Ambitious field teams often struggle not because of strategy — but because systems are fragmented. Data is scattered. Reports conflict. Approvals slow momentum.
“Execution is what happens when strategy meets reality — and reality always wins.”
True execution excellence cannot depend on heroics. It must be engineered into unified platforms.
The value jump becomes evident when organizations move from productivity gains to performance transformation:
- Reduced manual effort
- Faster processing cycles
- Fewer field inquiries
- Improved target achievement
- Ability to scale across markets without proportional headcount growth
Beyond efficiency lies effectiveness — knowledge graphs, multimodal integration, and pattern detection driving measurable top-line impact.
Great organizations do not wait for superheroes. They build systems that make excellence repeatable.
The Moment of Choice: Embrace AI and Change or Use AI to Improve Current Processes
Moderated by Sonia Vergis, Principal, Axtria, this fireside session featured Neha Agarwal, VP – Head Data Enablement & Operations, Novartis.
The closing conversation reframed the transformation journey as a leadership choice.
Support centers have evolved into global nerve centers — influencing strategy, innovation, and enterprise value creation.
AI is no longer just accelerating tasks. It is thinking alongside humans.
The real question is not whether AI can be deployed. It is how boldly organizations are willing to reimagine processes.
Five foundational layers define an AI-enabled enterprise:
- Data
- Governance
- Platforms
- Semantic/context layers
- Agentic orchestration ecosystems
AI will not replace intuition, creativity, or imagination. Instead, it frees humans from repetitive workflows — enabling higher-order thinking and innovation.
The greatest barrier to transformation is not technology. It is leadership imagination.
Executive Roundtable: Shared Accountability
The executive roundtable reinforced several shared priorities:
- trust must be deliberately engineered into systems,
- ownership must be clearly defined, and
- governance must act as an enabler of speed rather than a constraint.

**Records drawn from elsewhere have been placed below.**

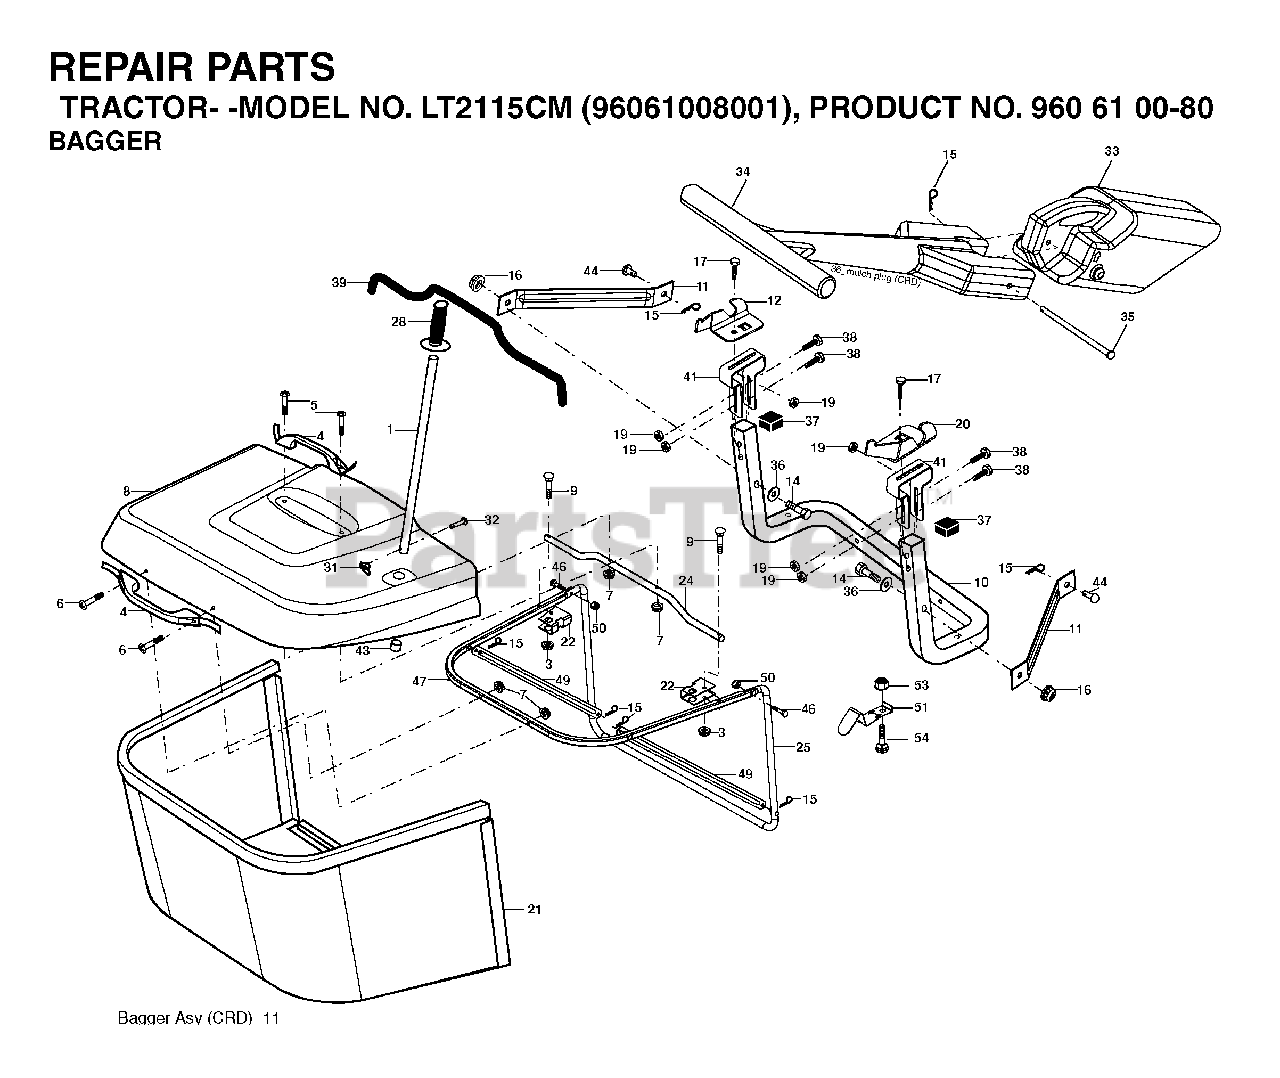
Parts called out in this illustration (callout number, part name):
1	TUBE HANDLE
3	NUT T
5	SCREW.PAN.HEAD
11	BRACKET
14	BOLT-HEX EAK
15	RETAINER-SPRNG RB
16	NUT LOCK FLG 3/8-16 UNC
17	BOLT
19	NUT LOCK HEX FLANGE 5/16-18
20	BRKT.PIVOT.RH.CRD
22	BRACKET
24	TUBE
28	GRIP.HANDLE.BLACK
31	RETAINER CLIP
32	RIVET,DRILLED
33	PLUG
35	PIN
38	BOLT.5/16-18X2.5
41	BRKT, BAGGER
43	PLUG, TUBING END
46	BOLT.CARRIAGE.5/16-18
50	NUT.71038.31-18.HEX.NYLOCK
53	NUT
54	BOLT

Leaders emphasized that scalable platforms must replace fragmented experimentation, and that decision accountability needs to move closer to GCCs to drive true enterprise ownership.
The Road Ahead
Axtria Ignite Global 2026 was not a celebration of AI capability. It was a call to responsibility.

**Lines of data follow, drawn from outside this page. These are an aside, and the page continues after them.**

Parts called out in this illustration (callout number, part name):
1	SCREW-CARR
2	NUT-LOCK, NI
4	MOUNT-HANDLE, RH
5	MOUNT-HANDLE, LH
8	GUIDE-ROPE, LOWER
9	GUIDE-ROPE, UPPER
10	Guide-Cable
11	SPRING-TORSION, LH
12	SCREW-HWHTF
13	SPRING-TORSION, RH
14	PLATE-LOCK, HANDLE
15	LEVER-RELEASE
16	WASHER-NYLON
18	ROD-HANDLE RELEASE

The industry has moved beyond proving that AI works. The next frontier is proving that enterprises are ready — structurally, culturally, and operationally — to scale it.
The ambition is no longer capability-building. It is ownership.
And the organizations that embrace this shift will not merely adopt AI — they will redefine how decisions are made.
**The views expressed by the panelists are their own and do not necessarily represent those of their respective organizations.